Work out the number of lines in the listing below that include "origin", and answer with it alone.

─── RECORD EXTRACTS

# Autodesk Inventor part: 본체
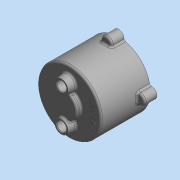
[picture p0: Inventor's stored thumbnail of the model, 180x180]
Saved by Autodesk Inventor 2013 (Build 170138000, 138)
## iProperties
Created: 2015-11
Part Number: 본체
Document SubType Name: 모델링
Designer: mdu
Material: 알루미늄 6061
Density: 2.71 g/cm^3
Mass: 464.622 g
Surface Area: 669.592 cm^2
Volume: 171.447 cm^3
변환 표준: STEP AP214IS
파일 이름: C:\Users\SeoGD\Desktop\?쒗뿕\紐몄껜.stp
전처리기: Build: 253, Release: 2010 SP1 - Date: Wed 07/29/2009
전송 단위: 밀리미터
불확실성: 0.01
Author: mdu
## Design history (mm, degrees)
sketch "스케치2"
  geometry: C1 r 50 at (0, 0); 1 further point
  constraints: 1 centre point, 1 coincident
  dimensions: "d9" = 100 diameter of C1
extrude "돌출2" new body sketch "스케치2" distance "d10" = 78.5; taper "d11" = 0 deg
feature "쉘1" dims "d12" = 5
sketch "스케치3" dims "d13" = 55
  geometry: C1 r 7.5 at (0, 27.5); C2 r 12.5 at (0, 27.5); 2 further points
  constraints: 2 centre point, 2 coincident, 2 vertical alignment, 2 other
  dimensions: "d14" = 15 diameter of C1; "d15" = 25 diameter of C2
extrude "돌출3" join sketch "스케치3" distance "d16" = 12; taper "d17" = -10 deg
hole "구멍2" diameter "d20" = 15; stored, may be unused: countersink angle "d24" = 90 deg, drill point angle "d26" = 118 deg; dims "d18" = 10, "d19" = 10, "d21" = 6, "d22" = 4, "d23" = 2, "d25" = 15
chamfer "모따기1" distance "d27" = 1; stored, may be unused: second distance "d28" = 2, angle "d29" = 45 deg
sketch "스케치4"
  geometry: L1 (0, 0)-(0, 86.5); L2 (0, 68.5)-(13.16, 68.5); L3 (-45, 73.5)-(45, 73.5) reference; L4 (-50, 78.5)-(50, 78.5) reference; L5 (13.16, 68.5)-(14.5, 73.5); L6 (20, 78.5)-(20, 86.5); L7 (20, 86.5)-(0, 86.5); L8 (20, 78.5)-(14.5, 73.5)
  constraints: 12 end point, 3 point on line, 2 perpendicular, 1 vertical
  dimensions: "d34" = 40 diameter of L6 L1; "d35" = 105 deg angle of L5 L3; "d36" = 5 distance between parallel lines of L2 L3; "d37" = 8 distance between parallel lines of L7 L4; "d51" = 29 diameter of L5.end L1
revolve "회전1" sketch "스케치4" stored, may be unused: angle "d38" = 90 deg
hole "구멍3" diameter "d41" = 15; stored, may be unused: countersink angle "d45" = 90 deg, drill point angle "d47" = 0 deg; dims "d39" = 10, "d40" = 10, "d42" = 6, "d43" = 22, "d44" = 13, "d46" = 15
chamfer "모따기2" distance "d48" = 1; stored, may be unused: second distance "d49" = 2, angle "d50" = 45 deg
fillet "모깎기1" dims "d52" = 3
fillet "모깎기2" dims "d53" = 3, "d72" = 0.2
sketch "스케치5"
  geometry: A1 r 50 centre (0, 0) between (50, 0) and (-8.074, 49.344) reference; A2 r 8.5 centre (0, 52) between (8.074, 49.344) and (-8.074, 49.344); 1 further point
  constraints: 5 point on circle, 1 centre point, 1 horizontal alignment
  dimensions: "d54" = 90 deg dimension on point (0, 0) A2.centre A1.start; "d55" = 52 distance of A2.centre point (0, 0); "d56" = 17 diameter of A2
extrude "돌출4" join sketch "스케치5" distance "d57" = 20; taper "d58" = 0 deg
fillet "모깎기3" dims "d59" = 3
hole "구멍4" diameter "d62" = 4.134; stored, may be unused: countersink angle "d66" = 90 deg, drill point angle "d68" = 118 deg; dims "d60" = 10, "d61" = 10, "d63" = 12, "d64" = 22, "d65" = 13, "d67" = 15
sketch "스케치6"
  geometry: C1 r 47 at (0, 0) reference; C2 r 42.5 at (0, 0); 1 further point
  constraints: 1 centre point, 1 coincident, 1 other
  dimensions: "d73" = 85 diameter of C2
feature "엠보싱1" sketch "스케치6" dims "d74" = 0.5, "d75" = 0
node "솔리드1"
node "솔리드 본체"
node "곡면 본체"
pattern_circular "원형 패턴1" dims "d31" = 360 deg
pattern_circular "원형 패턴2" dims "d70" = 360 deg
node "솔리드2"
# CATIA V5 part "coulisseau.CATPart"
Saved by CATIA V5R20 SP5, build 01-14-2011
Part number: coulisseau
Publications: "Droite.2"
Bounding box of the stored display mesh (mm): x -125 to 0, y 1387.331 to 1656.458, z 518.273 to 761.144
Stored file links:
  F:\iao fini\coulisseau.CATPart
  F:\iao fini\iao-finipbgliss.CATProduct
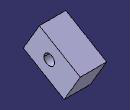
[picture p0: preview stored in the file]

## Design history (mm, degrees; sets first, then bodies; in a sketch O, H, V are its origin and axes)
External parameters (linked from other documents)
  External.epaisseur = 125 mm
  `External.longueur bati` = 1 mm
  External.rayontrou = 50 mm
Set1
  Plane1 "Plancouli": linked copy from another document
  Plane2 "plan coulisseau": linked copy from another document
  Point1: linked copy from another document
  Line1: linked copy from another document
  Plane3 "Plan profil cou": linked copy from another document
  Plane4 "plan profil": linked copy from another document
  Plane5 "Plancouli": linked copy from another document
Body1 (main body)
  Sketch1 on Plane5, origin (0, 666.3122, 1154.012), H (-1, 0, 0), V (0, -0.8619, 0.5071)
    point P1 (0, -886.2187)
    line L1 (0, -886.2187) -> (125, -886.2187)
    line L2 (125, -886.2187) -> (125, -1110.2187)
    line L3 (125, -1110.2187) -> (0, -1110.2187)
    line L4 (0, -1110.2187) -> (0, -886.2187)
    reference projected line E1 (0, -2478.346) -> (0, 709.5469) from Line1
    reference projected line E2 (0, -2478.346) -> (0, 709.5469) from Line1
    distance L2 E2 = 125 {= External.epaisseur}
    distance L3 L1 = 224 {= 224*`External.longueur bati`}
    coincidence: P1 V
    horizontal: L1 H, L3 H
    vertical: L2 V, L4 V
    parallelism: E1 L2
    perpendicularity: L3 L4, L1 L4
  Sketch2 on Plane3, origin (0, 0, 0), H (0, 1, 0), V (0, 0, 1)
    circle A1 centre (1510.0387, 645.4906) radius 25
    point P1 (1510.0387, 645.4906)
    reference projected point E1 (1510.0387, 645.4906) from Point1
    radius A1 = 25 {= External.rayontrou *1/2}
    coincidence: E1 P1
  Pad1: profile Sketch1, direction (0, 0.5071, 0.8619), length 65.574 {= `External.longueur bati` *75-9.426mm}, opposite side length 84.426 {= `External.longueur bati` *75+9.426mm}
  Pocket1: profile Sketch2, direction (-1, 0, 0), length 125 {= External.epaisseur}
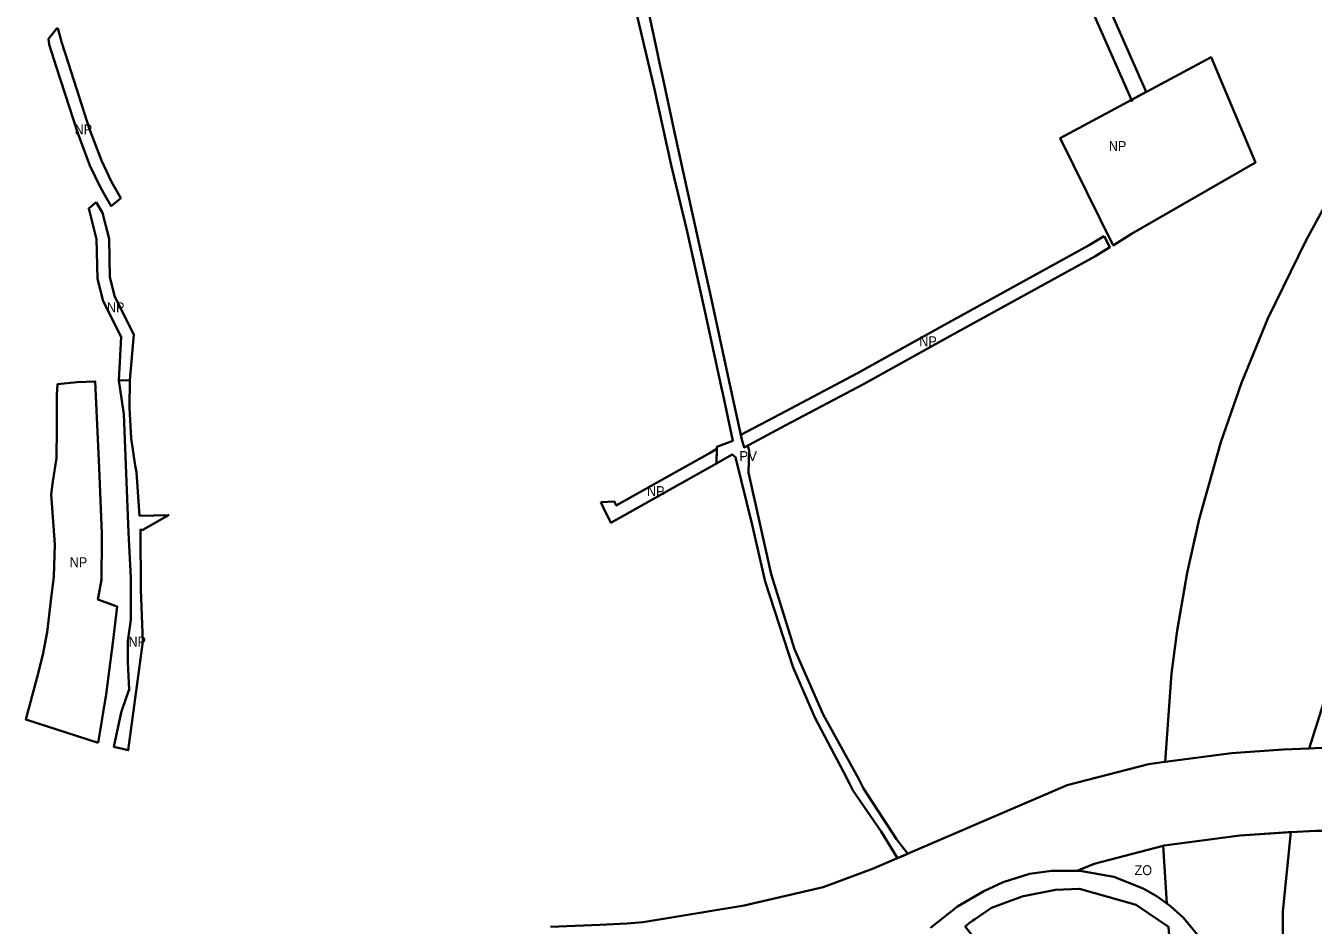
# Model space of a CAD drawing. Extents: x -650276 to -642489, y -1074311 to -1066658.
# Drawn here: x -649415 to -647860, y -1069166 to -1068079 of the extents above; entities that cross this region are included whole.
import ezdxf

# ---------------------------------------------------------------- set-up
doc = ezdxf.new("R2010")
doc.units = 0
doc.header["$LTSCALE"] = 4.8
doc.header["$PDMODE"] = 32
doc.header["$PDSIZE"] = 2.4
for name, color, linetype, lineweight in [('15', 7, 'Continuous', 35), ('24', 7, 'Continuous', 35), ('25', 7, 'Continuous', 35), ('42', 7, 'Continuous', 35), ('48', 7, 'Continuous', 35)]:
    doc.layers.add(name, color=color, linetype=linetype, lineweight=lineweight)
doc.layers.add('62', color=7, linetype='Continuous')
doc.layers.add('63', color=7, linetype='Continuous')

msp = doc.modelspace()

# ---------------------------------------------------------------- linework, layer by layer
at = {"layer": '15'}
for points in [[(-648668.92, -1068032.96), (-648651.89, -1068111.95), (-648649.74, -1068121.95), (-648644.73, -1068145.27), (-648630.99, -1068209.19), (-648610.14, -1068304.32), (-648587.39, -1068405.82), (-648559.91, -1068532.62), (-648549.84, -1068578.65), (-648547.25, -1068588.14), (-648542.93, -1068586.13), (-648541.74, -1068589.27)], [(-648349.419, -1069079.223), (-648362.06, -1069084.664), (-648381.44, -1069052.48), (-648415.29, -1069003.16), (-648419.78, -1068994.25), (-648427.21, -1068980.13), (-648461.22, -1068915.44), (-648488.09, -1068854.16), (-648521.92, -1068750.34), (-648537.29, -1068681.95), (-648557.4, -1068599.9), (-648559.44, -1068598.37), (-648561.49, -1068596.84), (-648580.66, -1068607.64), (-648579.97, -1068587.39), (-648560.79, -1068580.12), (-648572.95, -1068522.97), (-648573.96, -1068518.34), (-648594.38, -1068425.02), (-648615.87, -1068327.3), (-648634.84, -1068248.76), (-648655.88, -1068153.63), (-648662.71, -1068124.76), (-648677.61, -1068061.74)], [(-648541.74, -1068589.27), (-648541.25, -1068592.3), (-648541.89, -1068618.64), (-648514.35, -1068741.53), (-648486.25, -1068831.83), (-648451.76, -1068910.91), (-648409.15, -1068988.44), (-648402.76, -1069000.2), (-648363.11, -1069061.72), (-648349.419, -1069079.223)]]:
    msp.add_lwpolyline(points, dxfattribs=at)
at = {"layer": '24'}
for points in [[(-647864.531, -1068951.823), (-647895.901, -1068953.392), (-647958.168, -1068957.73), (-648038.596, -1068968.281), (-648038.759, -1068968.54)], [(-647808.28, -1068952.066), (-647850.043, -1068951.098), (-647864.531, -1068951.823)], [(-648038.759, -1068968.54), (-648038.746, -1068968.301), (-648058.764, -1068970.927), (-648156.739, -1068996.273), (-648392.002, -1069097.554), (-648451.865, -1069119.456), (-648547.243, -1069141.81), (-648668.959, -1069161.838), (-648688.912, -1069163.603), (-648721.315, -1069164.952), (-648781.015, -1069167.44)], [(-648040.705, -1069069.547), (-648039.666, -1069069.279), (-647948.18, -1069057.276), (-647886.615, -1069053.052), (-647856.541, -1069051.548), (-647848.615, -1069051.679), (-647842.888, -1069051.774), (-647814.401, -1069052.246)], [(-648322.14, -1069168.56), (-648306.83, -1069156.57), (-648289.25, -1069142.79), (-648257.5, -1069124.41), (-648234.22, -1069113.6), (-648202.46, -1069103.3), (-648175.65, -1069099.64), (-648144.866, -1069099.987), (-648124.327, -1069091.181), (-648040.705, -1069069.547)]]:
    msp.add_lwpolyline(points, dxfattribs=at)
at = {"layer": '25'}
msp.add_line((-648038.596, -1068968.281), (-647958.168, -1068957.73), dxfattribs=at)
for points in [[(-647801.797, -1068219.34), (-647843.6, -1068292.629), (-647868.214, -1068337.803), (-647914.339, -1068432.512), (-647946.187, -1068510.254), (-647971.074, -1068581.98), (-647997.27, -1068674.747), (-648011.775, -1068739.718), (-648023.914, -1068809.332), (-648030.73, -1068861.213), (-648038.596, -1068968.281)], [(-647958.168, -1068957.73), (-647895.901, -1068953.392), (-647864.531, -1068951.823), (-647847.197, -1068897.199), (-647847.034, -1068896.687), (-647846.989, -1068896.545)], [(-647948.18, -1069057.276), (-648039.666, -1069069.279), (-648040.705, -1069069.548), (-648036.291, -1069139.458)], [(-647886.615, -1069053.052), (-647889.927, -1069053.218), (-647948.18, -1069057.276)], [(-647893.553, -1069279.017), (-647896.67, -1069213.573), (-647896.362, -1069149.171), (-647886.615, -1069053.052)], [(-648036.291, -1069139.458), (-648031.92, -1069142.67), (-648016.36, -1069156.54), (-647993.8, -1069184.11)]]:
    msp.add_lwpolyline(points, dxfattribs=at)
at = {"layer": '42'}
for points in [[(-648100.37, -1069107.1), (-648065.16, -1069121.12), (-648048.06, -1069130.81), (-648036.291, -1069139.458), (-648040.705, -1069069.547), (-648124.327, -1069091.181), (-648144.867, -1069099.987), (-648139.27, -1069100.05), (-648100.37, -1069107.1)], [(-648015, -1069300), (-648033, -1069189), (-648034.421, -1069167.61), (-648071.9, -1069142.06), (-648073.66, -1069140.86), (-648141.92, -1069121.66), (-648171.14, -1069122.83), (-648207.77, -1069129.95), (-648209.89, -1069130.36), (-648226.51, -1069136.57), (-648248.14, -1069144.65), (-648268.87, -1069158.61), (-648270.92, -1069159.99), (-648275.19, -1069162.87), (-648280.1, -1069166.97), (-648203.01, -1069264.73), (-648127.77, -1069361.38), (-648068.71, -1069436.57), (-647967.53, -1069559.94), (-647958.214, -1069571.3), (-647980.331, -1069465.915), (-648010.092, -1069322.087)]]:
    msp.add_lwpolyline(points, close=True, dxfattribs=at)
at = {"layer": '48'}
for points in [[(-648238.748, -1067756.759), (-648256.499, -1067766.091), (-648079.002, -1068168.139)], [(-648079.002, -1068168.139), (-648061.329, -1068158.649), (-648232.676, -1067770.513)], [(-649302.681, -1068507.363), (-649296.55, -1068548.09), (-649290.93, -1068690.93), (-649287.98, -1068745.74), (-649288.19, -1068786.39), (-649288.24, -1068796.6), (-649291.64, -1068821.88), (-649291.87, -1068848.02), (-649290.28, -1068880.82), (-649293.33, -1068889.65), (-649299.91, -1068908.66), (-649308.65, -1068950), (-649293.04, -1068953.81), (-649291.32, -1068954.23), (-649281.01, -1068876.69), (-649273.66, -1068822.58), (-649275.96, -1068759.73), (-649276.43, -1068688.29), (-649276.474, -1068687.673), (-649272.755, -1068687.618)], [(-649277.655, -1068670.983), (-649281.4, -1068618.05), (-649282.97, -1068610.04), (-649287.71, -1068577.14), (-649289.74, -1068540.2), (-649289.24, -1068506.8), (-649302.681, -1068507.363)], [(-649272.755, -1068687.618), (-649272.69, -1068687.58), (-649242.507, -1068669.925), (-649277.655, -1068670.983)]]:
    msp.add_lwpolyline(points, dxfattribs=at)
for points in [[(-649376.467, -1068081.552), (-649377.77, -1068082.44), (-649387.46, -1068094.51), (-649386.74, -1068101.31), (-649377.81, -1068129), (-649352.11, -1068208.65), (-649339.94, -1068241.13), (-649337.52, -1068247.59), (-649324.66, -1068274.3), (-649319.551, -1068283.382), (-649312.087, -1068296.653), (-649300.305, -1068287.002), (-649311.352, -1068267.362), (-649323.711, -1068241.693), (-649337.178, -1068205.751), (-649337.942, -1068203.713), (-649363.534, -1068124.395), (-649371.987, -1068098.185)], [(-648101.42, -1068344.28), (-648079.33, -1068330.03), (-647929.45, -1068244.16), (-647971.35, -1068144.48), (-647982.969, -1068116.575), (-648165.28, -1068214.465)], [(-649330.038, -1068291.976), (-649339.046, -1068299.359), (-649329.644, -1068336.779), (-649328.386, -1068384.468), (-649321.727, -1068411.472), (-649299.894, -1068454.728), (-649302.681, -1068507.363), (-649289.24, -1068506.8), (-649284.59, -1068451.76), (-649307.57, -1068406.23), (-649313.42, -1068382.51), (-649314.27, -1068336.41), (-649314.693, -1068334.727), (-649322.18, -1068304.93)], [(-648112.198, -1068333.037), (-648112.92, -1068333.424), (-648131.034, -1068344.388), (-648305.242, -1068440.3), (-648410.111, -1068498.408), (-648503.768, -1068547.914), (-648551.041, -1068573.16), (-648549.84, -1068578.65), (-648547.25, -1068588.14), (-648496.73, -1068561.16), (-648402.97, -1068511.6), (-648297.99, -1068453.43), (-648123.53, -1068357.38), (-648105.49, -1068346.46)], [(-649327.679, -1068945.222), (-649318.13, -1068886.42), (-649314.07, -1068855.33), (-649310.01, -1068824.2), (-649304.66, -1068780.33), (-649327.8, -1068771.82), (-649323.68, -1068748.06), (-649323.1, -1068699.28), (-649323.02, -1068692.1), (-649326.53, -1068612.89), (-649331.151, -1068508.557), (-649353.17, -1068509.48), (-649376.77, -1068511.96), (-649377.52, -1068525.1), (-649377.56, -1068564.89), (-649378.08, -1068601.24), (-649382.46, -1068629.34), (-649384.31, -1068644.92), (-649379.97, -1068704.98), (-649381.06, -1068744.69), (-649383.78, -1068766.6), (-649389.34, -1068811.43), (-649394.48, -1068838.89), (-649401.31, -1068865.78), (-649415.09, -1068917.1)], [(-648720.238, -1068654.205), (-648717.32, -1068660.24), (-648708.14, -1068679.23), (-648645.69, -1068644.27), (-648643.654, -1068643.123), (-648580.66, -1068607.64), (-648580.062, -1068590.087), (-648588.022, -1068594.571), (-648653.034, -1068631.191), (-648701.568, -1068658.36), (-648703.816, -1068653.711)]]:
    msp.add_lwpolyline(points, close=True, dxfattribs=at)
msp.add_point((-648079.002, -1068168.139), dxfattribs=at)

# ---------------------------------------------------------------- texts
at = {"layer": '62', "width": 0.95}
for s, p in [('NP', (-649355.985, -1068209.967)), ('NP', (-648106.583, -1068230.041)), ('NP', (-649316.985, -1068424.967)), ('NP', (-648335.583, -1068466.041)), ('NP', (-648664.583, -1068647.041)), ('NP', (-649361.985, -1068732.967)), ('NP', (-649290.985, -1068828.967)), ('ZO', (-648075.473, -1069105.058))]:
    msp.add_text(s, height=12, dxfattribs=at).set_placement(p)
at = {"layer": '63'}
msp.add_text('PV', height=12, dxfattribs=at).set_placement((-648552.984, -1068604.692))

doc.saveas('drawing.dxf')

──────

(EXPECTED OUTPUT):
3